> **Entries shown**:
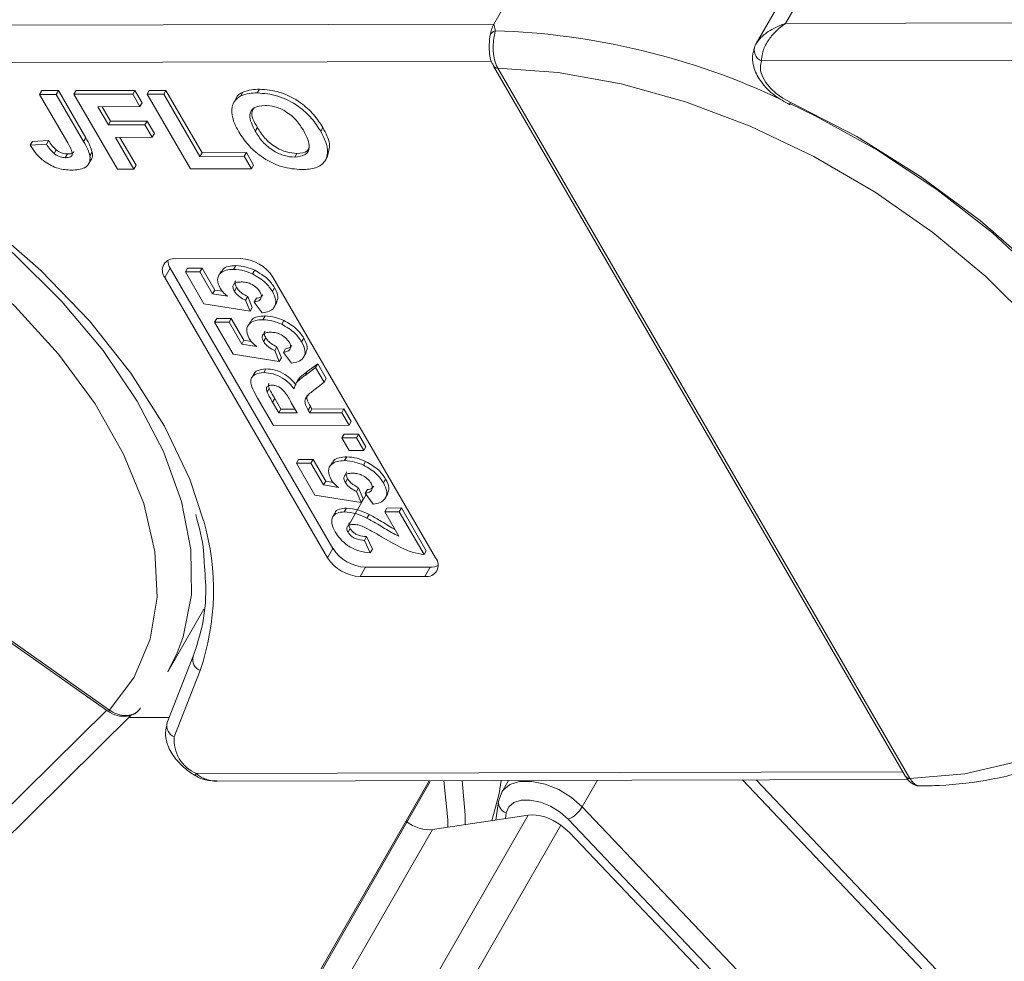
# Model space of a CAD drawing. Header units: millimetres. Extents: x 2816 to 3738, y -75 to 577.
# Tile 37 of 49: x 3335 to 3365, y 476 to 505. Entities that reach past the tile are written whole.
import ezdxf

# ---------------------------------------------------------------- set-up
doc = ezdxf.new("R2010")
doc.units = ezdxf.units.MM

msp = doc.modelspace()

# ---------------------------------------------------------------- linework, layer by layer
at = {"color": 7, "linetype": 'Continuous', "lineweight": 15}
for p, q in [((3349.095, 504.367), (3350.071, 506.067)), ((3357.913, 504.387), (3358.889, 506.086)), ((3358.158, 505.753), (3357.022, 503.777)), ((3349.095, 504.367), (3327.867, 504.32)), ((3379.141, 504.434), (3357.913, 504.387)), ((3357.185, 503.254), (3379.07, 503.303)), ((3327.139, 503.187), (3349.024, 503.236)), ((3349.085, 503.094), (3361.541, 481.628)), ((3349.213, 503.037), (3349.212, 503.039)), ((3361.669, 481.57), (3349.213, 503.037)), ((3341.942, 502.288), (3342.007, 502.401)), ((3335.364, 502.244), (3335.429, 502.357)), ((3335.364, 502.244), (3335.866, 502.245)), ((3336.212, 500.781), (3335.364, 502.244)), ((3335.429, 502.357), (3335.931, 502.358)), ((3335.866, 502.245), (3335.931, 502.358)), ((3335.866, 502.245), (3336.693, 500.82)), ((3335.931, 502.358), (3336.758, 500.934)), ((3336.402, 502.246), (3336.467, 502.36)), ((3336.402, 502.246), (3338.177, 502.25)), ((3337.713, 499.986), (3336.402, 502.246)), ((3336.467, 502.36), (3338.242, 502.363)), ((3338.177, 502.25), (3338.242, 502.363)), ((3338.177, 502.25), (3338.396, 501.874)), ((3338.242, 502.363), (3338.461, 501.987)), ((3338.613, 502.251), (3338.678, 502.364)), ((3338.613, 502.251), (3339.115, 502.252)), ((3339.924, 499.991), (3338.613, 502.251)), ((3338.678, 502.364), (3339.18, 502.366)), ((3339.115, 502.252), (3339.18, 502.366)), ((3339.115, 502.252), (3340.208, 500.369)), ((3339.18, 502.366), (3340.273, 500.482)), ((3341.314, 502.142), (3341.232, 502)), ((3341.443, 502.198), (3341.508, 502.311)), ((3338.396, 501.874), (3337.123, 501.871)), ((3337.123, 501.871), (3337.443, 501.32)), ((3337.254, 501.871), (3337.508, 501.433)), ((3338.396, 501.874), (3338.461, 501.987)), ((3337.443, 501.32), (3337.508, 501.433)), ((3337.443, 501.32), (3338.548, 501.323)), ((3337.508, 501.433), (3338.613, 501.436)), ((3338.548, 501.323), (3338.613, 501.436)), ((3338.548, 501.323), (3338.766, 500.946)), ((3338.613, 501.436), (3338.832, 501.059)), ((3341.88, 501.128), (3341.946, 501.242)), ((3343.859, 501.128), (3343.924, 501.241)), ((3312.787, 500.956), (3337.43, 483.601)), ((3337.477, 483.632), (3312.835, 500.987)), ((3336.693, 500.82), (3336.758, 500.934)), ((3338.766, 500.946), (3337.661, 500.944)), ((3337.661, 500.944), (3338.216, 499.987)), ((3337.792, 500.944), (3338.281, 500.101)), ((3338.766, 500.946), (3338.832, 501.059)), ((3335.082, 500.706), (3335.147, 500.819)), ((3335.082, 500.706), (3335.568, 500.736)), ((3335.147, 500.819), (3335.633, 500.849)), ((3335.568, 500.736), (3335.633, 500.849)), ((3335.799, 500.455), (3335.864, 500.568)), ((3336.14, 500.331), (3336.206, 500.444)), ((3336.885, 500.391), (3336.95, 500.504)), ((3340.208, 500.369), (3340.273, 500.482)), ((3340.208, 500.369), (3341.548, 500.372)), ((3340.273, 500.482), (3341.613, 500.485)), ((3341.548, 500.372), (3341.613, 500.485)), ((3341.548, 500.372), (3341.767, 499.995)), ((3341.613, 500.485), (3341.832, 500.108)), ((3343.075, 500.346), (3343.14, 500.46)), ((3343.996, 500.243), (3344.078, 500.385)), ((3336.846, 500.14), (3336.928, 500.282)), ((3338.216, 499.987), (3338.281, 500.101)), ((3341.767, 499.995), (3341.832, 500.108)), ((3338.216, 499.987), (3337.713, 499.986)), ((3341.767, 499.995), (3339.924, 499.991)), ((3339.476, 497.275), (3341.436, 497.279)), ((3341.229, 496.955), (3341.294, 497.068)), ((3339.314, 496.991), (3339.151, 496.708)), ((3344.231, 488.516), (3339.314, 496.991)), ((3339.77, 496.876), (3339.835, 496.989)), ((3339.77, 496.876), (3340.21, 496.877)), ((3340.329, 495.912), (3339.77, 496.876)), ((3339.835, 496.989), (3340.275, 496.99)), ((3340.21, 496.877), (3340.275, 496.99)), ((3340.21, 496.877), (3340.592, 496.218)), ((3340.275, 496.99), (3340.657, 496.331)), ((3340.853, 496.9), (3340.772, 496.758)), ((3341.799, 496.816), (3341.864, 496.929)), ((3344.069, 488.233), (3339.151, 496.708)), ((3342.417, 496.715), (3347.335, 488.24)), ((3340.592, 496.218), (3340.657, 496.331)), ((3340.592, 496.218), (3341.045, 496.141)), ((3340.657, 496.331), (3340.886, 496.293)), ((3341.251, 496.295), (3341.316, 496.409)), ((3342.401, 496.286), (3342.466, 496.399)), ((3341.726, 495.687), (3340.329, 495.912)), ((3341.588, 496.019), (3341.653, 496.132)), ((3341.588, 496.019), (3341.726, 495.687)), ((3341.653, 496.132), (3341.791, 495.8)), ((3341.853, 495.966), (3341.918, 496.08)), ((3342.094, 495.637), (3341.853, 495.966)), ((3342.457, 495.813), (3342.538, 495.955)), ((3341.726, 495.687), (3341.791, 495.8)), ((3342.111, 495.434), (3342.177, 495.547)), ((3340.653, 495.354), (3340.718, 495.468)), ((3340.653, 495.354), (3341.092, 495.355)), ((3341.212, 494.391), (3340.653, 495.354)), ((3340.718, 495.468), (3341.157, 495.469)), ((3341.092, 495.355), (3341.157, 495.469)), ((3341.092, 495.355), (3341.474, 494.697)), ((3341.157, 495.469), (3341.539, 494.81)), ((3341.736, 495.379), (3341.654, 495.237)), ((3342.682, 495.295), (3342.747, 495.408)), ((3341.474, 494.697), (3341.539, 494.81)), ((3341.474, 494.697), (3341.927, 494.62)), ((3341.539, 494.81), (3341.769, 494.771)), ((3342.134, 494.774), (3342.199, 494.887)), ((3343.284, 494.764), (3343.349, 494.878)), ((3342.609, 494.166), (3341.212, 494.391)), ((3342.47, 494.498), (3342.535, 494.611)), ((3342.47, 494.498), (3342.609, 494.166)), ((3342.535, 494.611), (3342.674, 494.279)), ((3342.736, 494.445), (3342.801, 494.558)), ((3342.976, 494.116), (3342.736, 494.445)), ((3343.34, 494.292), (3343.421, 494.434)), ((3342.609, 494.166), (3342.674, 494.279)), ((3343.455, 493.863), (3343.769, 494.104)), ((3343.704, 493.99), (3343.769, 494.104)), ((3343.769, 494.104), (3344.027, 493.659)), ((3341.847, 493.809), (3341.765, 493.667)), ((3342.139, 493.835), (3342.204, 493.948)), ((3343.39, 493.75), (3343.704, 493.99)), ((3343.39, 493.75), (3343.455, 493.863)), ((3343.704, 493.99), (3343.962, 493.546)), ((3343.182, 493.626), (3343.101, 493.484)), ((3343.962, 493.546), (3343.606, 493.263)), ((3343.962, 493.546), (3344.027, 493.659)), ((3342.237, 493.243), (3342.303, 493.356)), ((3342.433, 492.236), (3341.951, 493.066)), ((3342.406, 492.94), (3342.471, 493.054)), ((3342.406, 492.94), (3342.593, 492.617)), ((3342.471, 493.054), (3342.658, 492.73)), ((3343.15, 492.618), (3342.972, 492.925)), ((3342.593, 492.617), (3342.658, 492.73)), ((3342.593, 492.617), (3343.15, 492.618)), ((3342.658, 492.73), (3343.084, 492.731)), ((3343.482, 492.704), (3343.547, 492.818)), ((3343.482, 492.704), (3343.531, 492.619)), ((3343.531, 492.619), (3343.596, 492.732)), ((3343.531, 492.619), (3344.498, 492.621)), ((3343.547, 492.818), (3343.596, 492.732)), ((3343.596, 492.732), (3344.563, 492.735)), ((3344.498, 492.621), (3344.563, 492.735)), ((3344.498, 492.621), (3344.719, 492.241)), ((3344.563, 492.735), (3344.784, 492.354)), ((3344.719, 492.241), (3344.784, 492.354)), ((3344.719, 492.241), (3342.433, 492.236)), ((3344.5, 491.86), (3344.565, 491.973)), ((3344.565, 491.973), (3345.005, 491.974)), ((3344.94, 491.861), (3345.005, 491.974)), ((3345.005, 491.974), (3345.225, 491.594)), ((3344.5, 491.86), (3344.94, 491.861)), ((3344.721, 491.479), (3344.5, 491.86)), ((3344.94, 491.861), (3345.16, 491.48)), ((3345.16, 491.48), (3344.721, 491.479)), ((3345.16, 491.48), (3345.225, 491.594)), ((3343.124, 491.095), (3343.189, 491.208)), ((3343.124, 491.095), (3343.564, 491.096)), ((3343.683, 490.132), (3343.124, 491.095)), ((3343.189, 491.208), (3343.629, 491.209)), ((3343.564, 491.096), (3343.629, 491.209)), ((3343.564, 491.096), (3343.946, 490.438)), ((3343.629, 491.209), (3344.011, 490.551)), ((3344.207, 491.119), (3344.126, 490.978)), ((3344.583, 491.175), (3344.648, 491.288)), ((3345.153, 491.035), (3345.218, 491.149)), ((3343.946, 490.438), (3344.011, 490.551)), ((3344.011, 490.551), (3344.24, 490.512)), ((3344.605, 490.515), (3344.67, 490.628)), ((3345.755, 490.505), (3345.82, 490.618)), ((3343.946, 490.438), (3344.399, 490.361)), ((3344.942, 490.238), (3345.007, 490.352)), ((3344.942, 490.238), (3345.08, 489.906)), ((3345.007, 490.352), (3345.145, 490.02)), ((3345.207, 490.186), (3345.272, 490.299)), ((3345.08, 489.906), (3343.683, 490.132)), ((3345.235, 490.148), (3344.688, 489.196)), ((3345.08, 489.906), (3345.145, 490.02)), ((3345.448, 489.856), (3345.207, 490.186)), ((3345.811, 490.033), (3345.893, 490.174)), ((3344.3, 489.603), (3344.219, 489.462)), ((3344.57, 489.626), (3344.635, 489.739)), ((3345.794, 489.629), (3345.86, 489.742)), ((3345.794, 489.629), (3346.234, 489.63)), ((3346.221, 488.894), (3345.794, 489.629)), ((3345.86, 489.742), (3346.299, 489.743)), ((3346.234, 489.63), (3346.299, 489.743)), ((3346.234, 489.63), (3346.984, 488.337)), ((3346.299, 489.743), (3347.049, 488.45)), ((3345.254, 489.436), (3345.32, 489.549)), ((3344.686, 489.011), (3344.751, 489.124)), ((3345.181, 488.764), (3345.246, 488.878)), ((3345.181, 488.764), (3345.358, 488.384)), ((3345.246, 488.878), (3345.424, 488.497)), ((3344.231, 488.516), (3344.069, 488.233)), ((3345.358, 488.384), (3345.424, 488.497)), ((3346.984, 488.337), (3347.049, 488.45)), ((3345.212, 487.953), (3345.05, 487.669)), ((3347.172, 487.957), (3345.212, 487.953)), ((3347.172, 487.957), (3347.009, 487.674)), ((3347.009, 487.674), (3345.05, 487.669)), ((3339.237, 484.789), (3340.327, 486.686)), ((3340.003, 485.259), (3339.224, 483.256)), ((3339.237, 484.789), (3339.522, 485.362)), ((3339.434, 482.828), (3340.213, 484.831)), ((3337.391, 483.628), (3326.412, 472.789)), ((3327.612, 473.094), (3338.145, 483.494)), ((3337.437, 483.612), (3337.44, 483.61)), ((3337.481, 483.629), (3337.477, 483.632)), ((3339.285, 483.413), (3338.061, 483.411)), ((3361.461, 481.766), (3340.099, 481.718)), ((3361.671, 481.567), (3361.669, 481.57)), ((3331.341, 454.008), (3347.136, 481.5)), ((3331.354, 453.944), (3347.169, 481.472)), ((3340.734, 481.485), (3361.617, 481.532)), ((3349.535, 481.505), (3349.335, 481.156)), ((3352.23, 481.511), (3351.767, 480.705)), ((3362.474, 475.346), (3356.606, 481.521)), ((3362.902, 475.333), (3357.021, 481.521)), ((3349.267, 480.96), (3349.343, 481.169)), ((3349.236, 480.869), (3349.152, 480.309)), ((3351.767, 480.705), (3367.65, 463.992)), ((3334.143, 452.626), (3350.132, 480.456)), ((3347.237, 480.022), (3350.132, 480.456)), ((3349.468, 480.526), (3349.442, 480.353)), ((3351.114, 480.152), (3335.033, 452.161)), ((3351.378, 479.937), (3351.114, 480.152)), ((3367.226, 463.622), (3351.343, 480.335)), ((3347.237, 480.022), (3331.535, 452.69)), ((3351.378, 479.937), (3359.555, 471.333))]:
    msp.add_line(p, q, dxfattribs=at)
at = {"color": 7, "linetype": 'Continuous', "lineweight": 15, "flags": 128}
for points in [[(3339.522, 485.362), (3339.7, 485.843), (3339.954, 487.114), (3339.939, 488.489), (3339.657, 489.942), (3339.113, 491.447), (3338.316, 492.976), (3337.282, 494.501), (3336.029, 495.994), (3334.581, 497.428), (3332.963, 498.776), (3331.206, 500.013), (3329.341, 501.118), (3327.404, 502.069), (3325.429, 502.849), (3323.453, 503.444), (3321.512, 503.843), (3319.641, 504.039), (3317.876, 504.027), (3316.248, 503.809), (3314.787, 503.388), (3313.521, 502.772), (3312.472, 501.973)], [(3348.966, 503.917), (3348.966, 503.926), (3348.98, 504.031)], [(3349.213, 503.037), (3351.034, 502.906), (3352.939, 502.564), (3354.888, 502.019), (3356.844, 501.28), (3358.767, 500.363), (3360.62, 499.286), (3362.365, 498.069), (3363.968, 496.738), (3365.397, 495.319), (3366.624, 493.84), (3367.623, 492.33), (3368.376, 490.82), (3368.867, 489.339), (3369.086, 487.917), (3369.03, 486.583), (3368.699, 485.362), (3368.1, 484.279), (3367.245, 483.356), (3366.15, 482.61), (3364.838, 482.057), (3363.334, 481.708), (3361.669, 481.57)], [(3358.049, 502.011), (3357.831, 502.13), (3357.631, 502.273), (3357.457, 502.433), (3357.317, 502.605), (3357.216, 502.78), (3357.159, 502.952), (3357.149, 503.112), (3357.185, 503.254)], [(3312.835, 500.987), (3313.888, 501.766), (3315.163, 502.354), (3316.634, 502.74), (3318.272, 502.917), (3320.045, 502.88), (3321.917, 502.631), (3323.852, 502.174), (3325.809, 501.519), (3327.752, 500.678), (3329.64, 499.669), (3331.437, 498.511), (3333.107, 497.227), (3334.617, 495.843), (3335.935, 494.387), (3337.038, 492.887), (3337.901, 491.374), (3338.509, 489.876), (3338.849, 488.425), (3338.915, 487.048), (3338.704, 485.774), (3338.222, 484.628), (3337.477, 483.632)], [(3340.322, 489.353), (3339.902, 490.617), (3339.138, 492.217), (3338.12, 493.821), (3336.867, 495.4), (3335.402, 496.924), (3333.751, 498.366), (3331.945, 499.699), (3330.017, 500.9), (3328.003, 501.945)], [(3358.042, 501.932), (3358.04, 501.933), (3358.036, 501.946), (3358.039, 501.973), (3358.049, 502.011)], [(3369.447, 484.961), (3369.584, 485.224), (3370.002, 486.419), (3370.154, 487.732), (3370.038, 489.139), (3369.657, 490.615), (3369.016, 492.133), (3368.128, 493.663), (3367.008, 495.18), (3365.679, 496.653), (3364.163, 498.058), (3362.489, 499.367), (3360.687, 500.557), (3358.791, 501.606), (3358.039, 501.97)], [(3370.369, 489.419), (3369.948, 490.684), (3369.184, 492.284), (3368.166, 493.888), (3366.913, 495.466), (3365.448, 496.991), (3363.797, 498.433), (3361.992, 499.766), (3360.064, 500.966), (3358.049, 502.011)], [(3337.43, 483.601), (3337.431, 483.6), (3337.441, 483.602), (3337.457, 483.613), (3337.477, 483.632)], [(3337.433, 483.599), (3337.434, 483.598), (3337.444, 483.6), (3337.46, 483.61), (3337.481, 483.629)], [(3347.7, 480.091), (3347.7, 480.312), (3347.585, 481.501)], [(3348.141, 481.502), (3348.229, 480.472), (3348.227, 480.17)], [(3349.316, 481.504), (3349.253, 481.116), (3349.028, 480.291)], [(3349.343, 481.169), (3349.366, 481.204), (3349.572, 481.38), (3349.871, 481.474), (3350.237, 481.48), (3350.643, 481.396), (3351.054, 481.229), (3351.439, 480.992), (3351.767, 480.705)], [(3349.267, 480.96), (3349.243, 480.902), (3349.236, 480.869)], [(3351.343, 480.335), (3351.097, 480.551), (3350.808, 480.728), (3350.5, 480.853), (3350.196, 480.916), (3349.921, 480.912), (3349.697, 480.841), (3349.542, 480.709), (3349.468, 480.526)]]:
    msp.add_lwpolyline(points, dxfattribs=at)
at = {"color": 7, "linetype": 'Continuous', "lineweight": 15}
for centre, radius, start, end in [((3349.995, 503.872), 1.027, 151.137, 171.0902), ((3349.211, 503.927), 0.254, 107.4596, 155.8003), ((3348.437, 482.266), 21.914, 64.725, 88.1749), ((3357.32, 503.582), 0.355, 156.3248, 247.6176), ((3349.196, 503.175), 0.136, 212.7295, 276.7279), ((3349.199, 503.177), 0.141, 215.8191, 275.7496), ((3339.421, 496.93), 0.349, 80.921, 219.3383), ((3339.745, 497.263), 0.51, 184.4162, 212.2288), ((3341.383, 496.051), 1.229, 32.7297, 87.5188), ((3333.159, 487.263), 7.462, 340.9768, 16.261), ((3345.266, 489.181), 1.229, 212.7297, 267.5188), ((3345.103, 488.898), 1.229, 212.7297, 267.5188), ((3347.064, 488.019), 0.349, 260.921, 39.3383), ((3347.19, 488.466), 0.51, 268.0228, 295.8286), ((3340.344, 485.161), 0.355, 163.8772, 248.3947), ((3339.565, 483.158), 0.355, 163.8772, 248.3947), ((3340.521, 482.725), 1.091, 174.5664, 247.2376), ((3339.965, 481.781), 0.147, 305.5712, 334.7652), ((3361.655, 481.71), 0.141, 215.8191, 275.7496), ((3361.655, 481.704), 0.137, 213.8474, 276.4731), ((3349.575, 480.849), 0.34, 176.6655, 251.7672), ((3350.995, 481.162), 0.897, 292.8171, 329.3878)]:
    msp.add_arc(centre, radius, start, end, dxfattribs=at)
for centre, major_axis, start_param, end_param in [((3350.592, 479.978), (-0.75, 0.297), 4.161486, 5.557749), ((3346.87, 480.404), (-0.6, 0.237), 1.019893, 2.416156)]:
    msp.add_ellipse(centre, major_axis=major_axis, ratio=0.514486, start_param=start_param, end_param=end_param, dxfattribs=at)
for points, knots in [([(3349.135, 504.169), (3349.134, 504.181), (3349.129, 504.25), (3349.11, 504.314), (3349.095, 504.367), (3349.095, 504.367)], [0, 0, 0, 0, 0.17537, 0.987913, 1, 1, 1, 1]), ([(3357.913, 504.387), (3357.911, 504.386), (3357.902, 504.384), (3357.872, 504.374), (3357.837, 504.362), (3357.637, 504.289), (3357.356, 504.14), (3357.096, 503.903), (3357.023, 503.774), (3356.995, 503.725)], [0, 0, 0, 0, 0.005088, 0.020369, 0.070807, 0.089086, 0.500311, 0.809226, 1, 1, 1, 1]), ([(3357.913, 504.387), (3357.911, 504.386), (3357.909, 504.384), (3357.903, 504.381), (3357.895, 504.375), (3357.88, 504.365), (3357.857, 504.35), (3357.831, 504.331), (3357.786, 504.298), (3357.71, 504.238), (3357.559, 504.099), (3357.437, 503.949), (3357.298, 503.727), (3357.196, 503.5), (3357.189, 503.328), (3357.185, 503.254)], [0, 0, 0, 0, 0.004076, 0.005312, 0.013833, 0.023499, 0.039938, 0.067959, 0.085914, 0.147188, 0.256834, 0.484715, 0.526697, 0.795371, 1, 1, 1, 1]), ([(3348.966, 503.916), (3348.965, 503.912), (3348.964, 503.891), (3348.958, 503.82), (3348.949, 503.678), (3348.96, 503.457), (3349, 503.244), (3349.07, 503.138), (3349.092, 503.106)], [0, 0, 0, 0, 0.017409, 0.103192, 0.271379, 0.521588, 0.852927, 1, 1, 1, 1]), ([(3349.212, 503.039), (3349.208, 503.046), (3349.168, 503.118), (3349.109, 503.28), (3349.07, 503.546), (3349.075, 503.814), (3349.109, 504.028), (3349.128, 504.13), (3349.135, 504.169)], [0, 0, 0, 0, 0.0234843, 0.2373073, 0.4510924, 0.6637685, 0.8705553, 1, 1, 1, 1]), ([(3356.984, 503.702), (3356.951, 503.6), (3356.882, 503.38), (3356.95, 503), (3357.169, 502.594), (3357.548, 502.204), (3357.883, 502.02), (3358.042, 501.932)], [0, 0, 0, 0, 0.1562633, 0.3361123, 0.5446425, 0.784435, 1, 1, 1, 1]), ([(3341.508, 502.311), (3341.591, 502.34), (3341.74, 502.393), (3341.925, 502.399), (3342.007, 502.401)], [0, 0, 0, 0, 0.559564, 1, 1, 1, 1]), ([(3342.007, 502.401), (3342.211, 502.385), (3342.618, 502.354), (3343.236, 502.036), (3343.671, 501.636), (3343.84, 501.373), (3343.924, 501.241)], [0, 0, 0, 0, 0.2798307, 0.5586691, 0.7790056, 1, 1, 1, 1]), ([(3341.17, 501.687), (3341.178, 501.807), (3341.191, 502.023), (3341.366, 502.144), (3341.443, 502.198)], [0, 0, 0, 0, 0.559956, 1, 1, 1, 1]), ([(3341.307, 502.127), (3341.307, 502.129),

> **Your assignment**: All that is wanted is a faithful reproduction of the line above with "msp.add_arc(centre, radius, start, end, dxfattribs=at)", the line with "start_param=start_param, end_param=end_param, dxfattribs=at)", and every line in between.

> **Result**:
    msp.add_arc(centre, radius, start, end, dxfattribs=at)
for centre, major_axis, start_param, end_param in [((3350.592, 479.978), (-0.75, 0.297), 4.161486, 5.557749), ((3346.87, 480.404), (-0.6, 0.237), 1.019893, 2.416156)]:
    msp.add_ellipse(centre, major_axis=major_axis, ratio=0.514486, start_param=start_param, end_param=end_param, dxfattribs=at)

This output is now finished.